Exercise data »

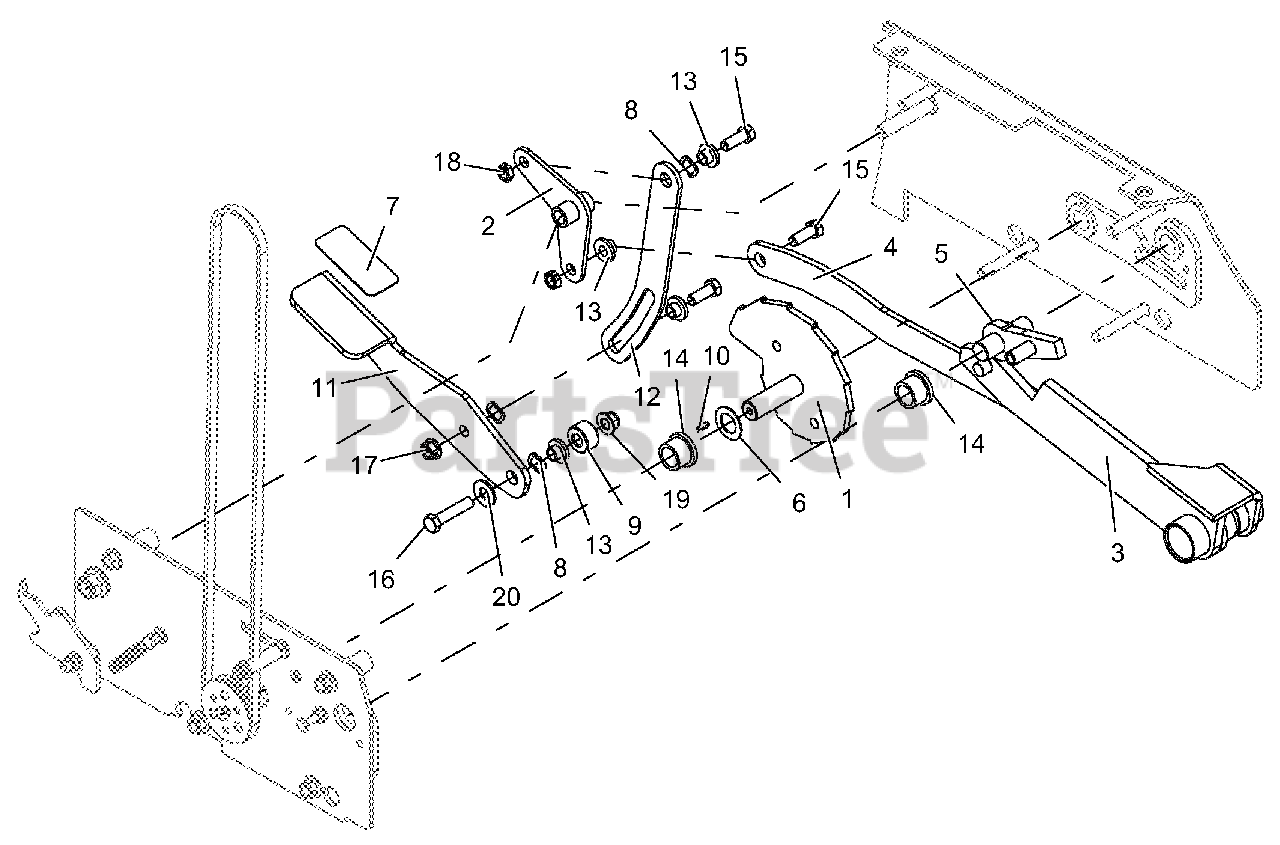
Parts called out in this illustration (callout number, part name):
1	WLDMT, HEIGHT OF CUT
2	WLDMT, REAR PIVOT - BLACK
3	WLDMT, CAM CONTACT - BLACK
4	WLDMT, DECK LIFT LINK - BLACK
5	WLDMT, TRAILER LOCK
6	BUSHING, MACH .75 x 1.25 x .048
7	GRIP, PEDAL 1.50 x 3.00
8	WAVE WASHER .531 x .781 x .125 FH
9	SPACER, .437 x 1.00 x .58 SMLS
10	KEY, .125 SQ. x .50
11	PEDAL, DECK LIFT
12	ARM, PEDAL - BLACK
13	BSHG, FLG .385 x .500 x .875 x .406
14	BUSHING, .750 x 1.00 x .750
15	BLT-HEX .38-16 x 1.00 GR5 YWZC
16	BLT-HEX .38-16 x 1.75 GR5 YWZC
17	NUT, LK-CTR-FLG .38-16 YWZC
18	@NUT-LK-CTR-JAM .375-16 YWZC
19	NUT-LK-NYL-FLG .38-16 YWZC
20	WSHR-FL-STL .438 x 1.00 x .083 YWZC
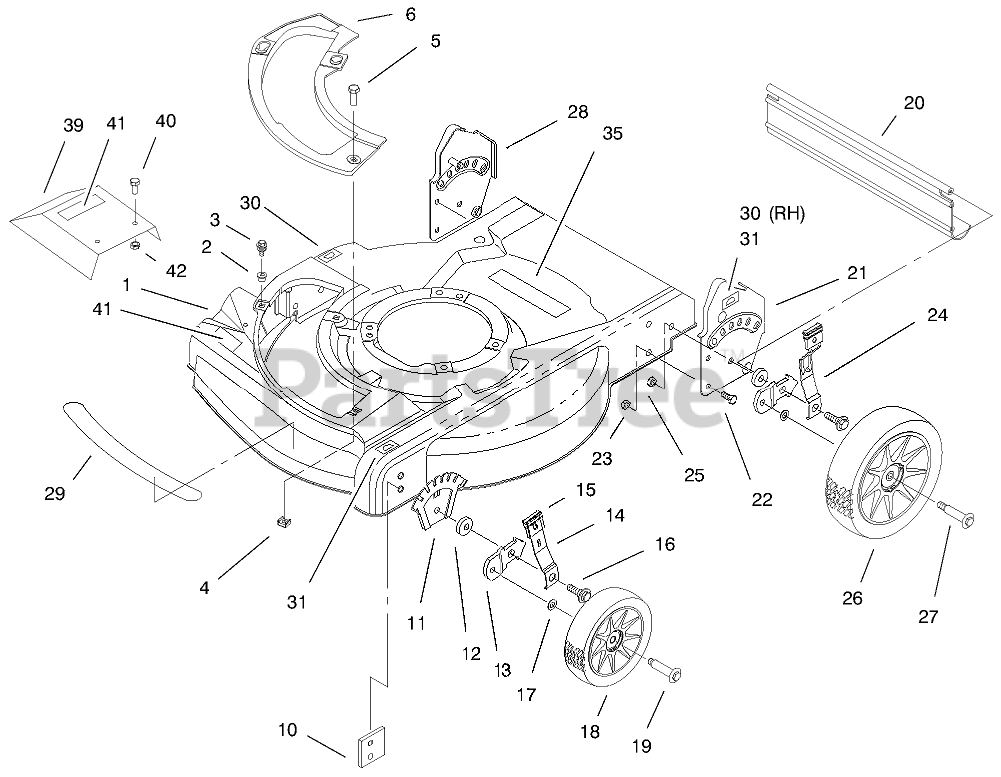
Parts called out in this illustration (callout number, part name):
1	ASM-Housing & Baffle (Incl. Ref. #2, 4, 29-31, 35, & 41)
2	NUT-CLIP
3	SCREW-SEMS
4	NUT-CAGE
5	SCREW-HWH
6	PLATE-OPENING, CHUTE
10	PLATE-BAFFLE
11	Plate H.O.C.
12	WASHER
13	Bracket-H.
14	ARM-FRONT SPRING
15	KNOB-LEVER, HEIGHT ADJUSTMENT
16	BOLT-SHOULDER
17	WASHER
18	WHEEL AND TIRE ASM
19	BOLT-SHOULDER
20	SHIELD-TRAILING
21	LH HANDLE BRACKET ASM
22	SCREW-HH
23	NUT-LOCK, NI
24	REAR SPRING ARM ASM
25	NUT-LOCK, NI
26	WHEEL ASM
27	BOLT-SHOULDER
28	RH HANDLE BRACKET ASM
29	DECAL - DECK
30	DECAL-HOC, RH
31	DECAL-HOC, LH
35	DECAL-DANGER
39	Guard-Plate (Incl. Ref. #41)
40	SCREW-HWH
41	DECAL - WARNING
42	NUT-LOCK, NI

Work to complete » Wherever the string "WASHER" appears in a line of the records above, copy that line.

The completed task »
8	WAVE WASHER .531 x .781 x .125 FH
12	WASHER
17	WASHER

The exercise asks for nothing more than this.